I would contact the company that made the tank. They can at least point you in the right direction.


----------



## kd5exp (Mar 21, 2014)

That's a problem, I picked this up used and don't know the maker of this tank.


----------



## Akari_32 (May 20, 2014)

They took all the bits off the bottom? There's usually a little tag-like sticker half under the rim that says the manufacturer.... Since it's a bow front, you can always start by looking up who makes 46 gallon bow fronts, using the measurements of the tank. Not every company uses the same dimension.


----------



## BillD (May 17, 2005)

If the bottom trim is intact, you can remove it and swap with the top.


----------



## kd5exp (Mar 21, 2014)

The bottom trim has a section missing (broken) so that won't work. I called several companies and from what I get they don't handle it anymore. Some one had to have these, too many of them around.
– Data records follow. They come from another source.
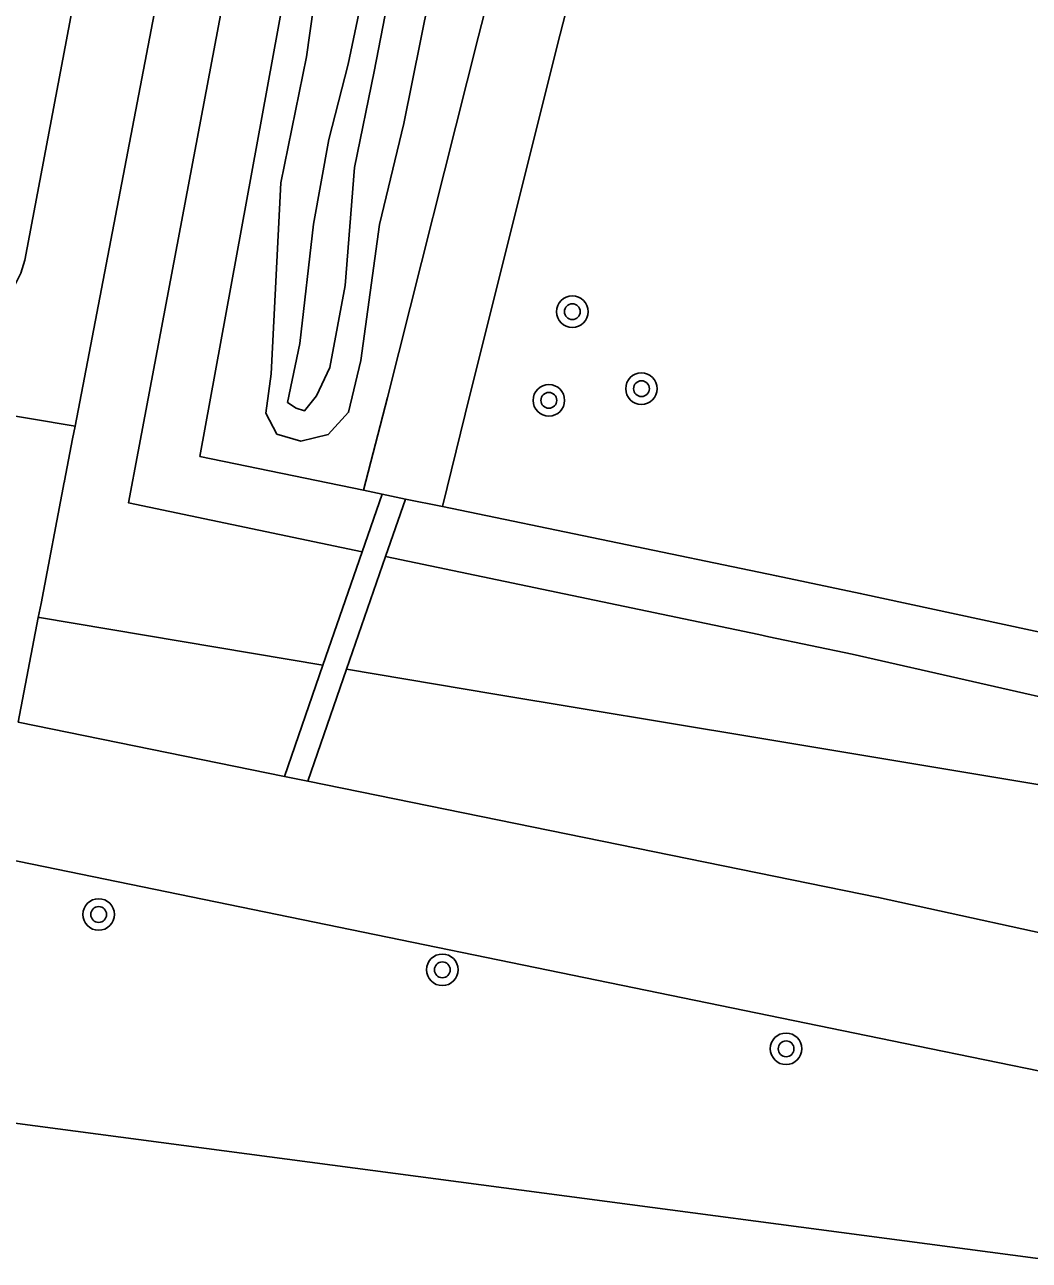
# Model space of a CAD drawing. Extents: x 131000 to 133013, y 393000 to 396501.
# Drawn here: x 131758.75 to 131784.22, y 393456.9 to 393488.23 of the extents above; entities that cross this region are included whole.
import ezdxf

# ---------------------------------------------------------------- set-up
doc = ezdxf.new("R2010")
doc.units = 0
for name, color, linetype in [('gg-knt-onverhard', 7, 'Continuous'), ('gt-grn-vlakafsluiter', 7, 'Continuous'), ('gt-symb-boom', 7, 'Continuous'), ('gx-grn-maaiveld', 7, 'Continuous')]:
    doc.layers.add(name, color=color, linetype=linetype)

# ---------------------------------------------------------------- blocks, each defined once
blk = doc.blocks.new('gt0-BOOM')
at = {"layer": 'gt-symb-boom'}
for radius in [0.4, 0.2]:
    blk.add_circle((0, 0), radius, dxfattribs=at)

msp = doc.modelspace()

# ---------------------------------------------------------------- linework, layer by layer
at = {"layer": 'gg-knt-onverhard'}
for points in [[(131758.748, 393482.262), (131762.106, 393500.02), (131767.696, 393532.154)], [(131747.684, 393480.751), (131752.119, 393479.376), (131760.025, 393478.053)]]:
    msp.add_lwpolyline(points, dxfattribs=at)
msp.add_arc((131756.506, 393482.776), 2.3, 256.0336, 347.0854, dxfattribs=at)
at = {"layer": 'gt-grn-vlakafsluiter'}
msp.add_line((131759.963, 393477.728), (131760.025, 393478.053), dxfattribs=at)
at = {"layer": 'gx-grn-maaiveld'}
for p, q in [((131767.306, 393474.867), (131767.812, 393476.325)), ((131767.339, 393476.423), (131767.812, 393476.325)), ((131767.812, 393476.325), (131768.404, 393476.202)), ((131767.899, 393474.743), (131768.404, 393476.202)), ((131769.338, 393476.009), (131768.404, 393476.202)), ((131766.309, 393471.989), (131767.306, 393474.867)), ((131767.899, 393474.743), (131766.909, 393471.889)), ((131759.093, 393473.201), (131759.161, 393473.553)), ((131759.093, 393473.201), (131758.583, 393470.544)), ((131766.309, 393471.989), (131765.332, 393469.169)), ((131766.909, 393471.889), (131765.925, 393469.048)), ((131758.583, 393470.544), (131765.332, 393469.169)), ((131765.332, 393469.169), (131765.925, 393469.048))]:
    msp.add_line(p, q, dxfattribs=at)
for points in [[(131767.306, 393474.867), (131761.379, 393476.108), (131761.624, 393477.404), (131766.398, 393502.722), (131772.105, 393533.493), (131775.056, 393544.157), (131779.266, 393553.329)], [(131780.636, 393552.669), (131776.546, 393543.809), (131773.802, 393534.042), (131767.812, 393502.569), (131763.188, 393477.284), (131767.339, 393476.423)], [(131767.339, 393476.423), (131767.947, 393478.781), (131770.25, 393487.937), (131771.625, 393493.27), (131773.014, 393497.222), (131777.326, 393506.748), (131780.847, 393514.691), (131781.945, 393518.085), (131782.823, 393521.247), (131783.576, 393524.596), (131784.044, 393527.635), (131784.2, 393530.692), (131784.125, 393535.771), (131783.986, 393539.615), (131783.582, 393544.034), (131783.277, 393547.131), (131782.76, 393549.476), (131782.043, 393551.202), (131780.996, 393552.495), (131780.636, 393552.669)], [(131780.644, 393542.498), (131780.958, 393533.212), (131780.439, 393527.251), (131778.848, 393520.198), (131776.359, 393513.038), (131775.289, 393509.708), (131771.758, 393502.46), (131768.66, 393492.454), (131767.607, 393487.042), (131767.108, 393484.61), (131766.869, 393481.619), (131766.486, 393479.535), (131766.146, 393478.817), (131765.84, 393478.438), (131765.628, 393478.505), (131765.408, 393478.654), (131765.725, 393480.145), (131766.074, 393483.173), (131766.462, 393485.321), (131766.946, 393487.233), (131768.08, 393492.618)], [(131772.173, 393540.962), (131771.96, 393540.232), (131771.753, 393539.5), (131771.55, 393538.767), (131771.353, 393538.032), (131771.347, 393538.006), (131771.344, 393537.997), (131771.18, 393537.367), (131771.019, 393536.736), (131770.862, 393536.105), (131770.709, 393535.472), (131770.544, 393534.767), (131770.383, 393534.06), (131770.227, 393533.353), (131770.076, 393532.645), (131769.93, 393531.936), (131769.788, 393531.225), (131764.197, 393499.787), (131760.025, 393478.053)], [(131784.218, 393518.705), (131784.184, 393518.62), (131779.029, 393505.77), (131775.06, 393496.792), (131773.698, 393493.35), (131772.244, 393487.697), (131769.913, 393478.351), (131769.338, 393476.009)], [(131769.634, 393492.063), (131768.36, 393485.723), (131767.743, 393483.167), (131767.27, 393479.716), (131766.959, 393478.402), (131766.442, 393477.837), (131765.748, 393477.667), (131765.142, 393477.851), (131764.862, 393478.384), (131764.999, 393479.38), (131765.24, 393484.222), (131765.894, 393487.413), (131766.718, 393493.3)], [(131759.161, 393473.553), (131759.751, 393476.626), (131759.756, 393476.65), (131759.759, 393476.668), (131759.963, 393477.728)], [(131769.338, 393476.009), (131777.808, 393474.252), (131779.934, 393473.811), (131796.968, 393470.137)], [(131794.983, 393468.803), (131779.726, 393472.268), (131777.612, 393472.71), (131777.36, 393472.763), (131767.899, 393474.743)], [(131831.981, 393473.682), (131817.738, 393463.913), (131816.938, 393463.406), (131816.096, 393462.971), (131812.404, 393460.759), (131811.466, 393460.076), (131810.471, 393459.479), (131809.427, 393458.974), (131808.342, 393458.563), (131807.225, 393458.25), (131806.084, 393458.038), (131804.929, 393457.929), (131803.769, 393457.922), (131802.613, 393458.02), (131801.47, 393458.219), (131784.823, 393461.63), (131781.36, 393462.34), (131757.983, 393467.134)], [(131766.309, 393471.989), (131759.125, 393473.196), (131759.093, 393473.201)], [(131766.909, 393471.889), (131770.67, 393471.257), (131777.288, 393470.154), (131794.768, 393467.239), (131810.475, 393464.62), (131812.562, 393464.3)], [(131812.562, 393464.3), (131811.995, 393463.996), (131808.565, 393462.003), (131807.957, 393461.692), (131807.324, 393461.434), (131806.671, 393461.232), (131806.003, 393461.087), (131805.325, 393461), (131804.642, 393460.972), (131803.96, 393461.003), (131803.282, 393461.092), (131780.397, 393466.1), (131765.925, 393469.048)], [(131756.831, 393460.594), (131796.708, 393455.324)]]:
    msp.add_lwpolyline(points, dxfattribs=at)

# ---------------------------------------------------------------- block references
at = {"layer": 'gt-symb-boom'}
for p in [(131772.632, 393480.953), (131774.385, 393479.001), (131772.037, 393478.704), (131760.622, 393465.667), (131769.337, 393464.264), (131778.052, 393462.261)]:
    msp.add_blockref('gt0-BOOM', p, dxfattribs=at)

doc.saveas('drawing.dxf')

Thought about making a metal one but having hard time finding stainless steel like I need. any ideas?


----------



## Deeda (Oct 12, 2012)

You can try calling Aqueon directly with the dimensions of your tank and see if you can purchase it from them or have them send it to a store in your area. Their website lists a 46 bow dimensions as 36-3/8" long x 16-3/8" wide x 20-7/8" high. You may also need the thickness of the glass if it isn't their brand but it may fit properly.


----------



## Mcdaphnia (Dec 16, 2003)

If you can't get a frame replacement, you could have a piece of glass cut to fit as a glass center brace. There will be extra cost for the curve that has to be on one end of the new brace.


----------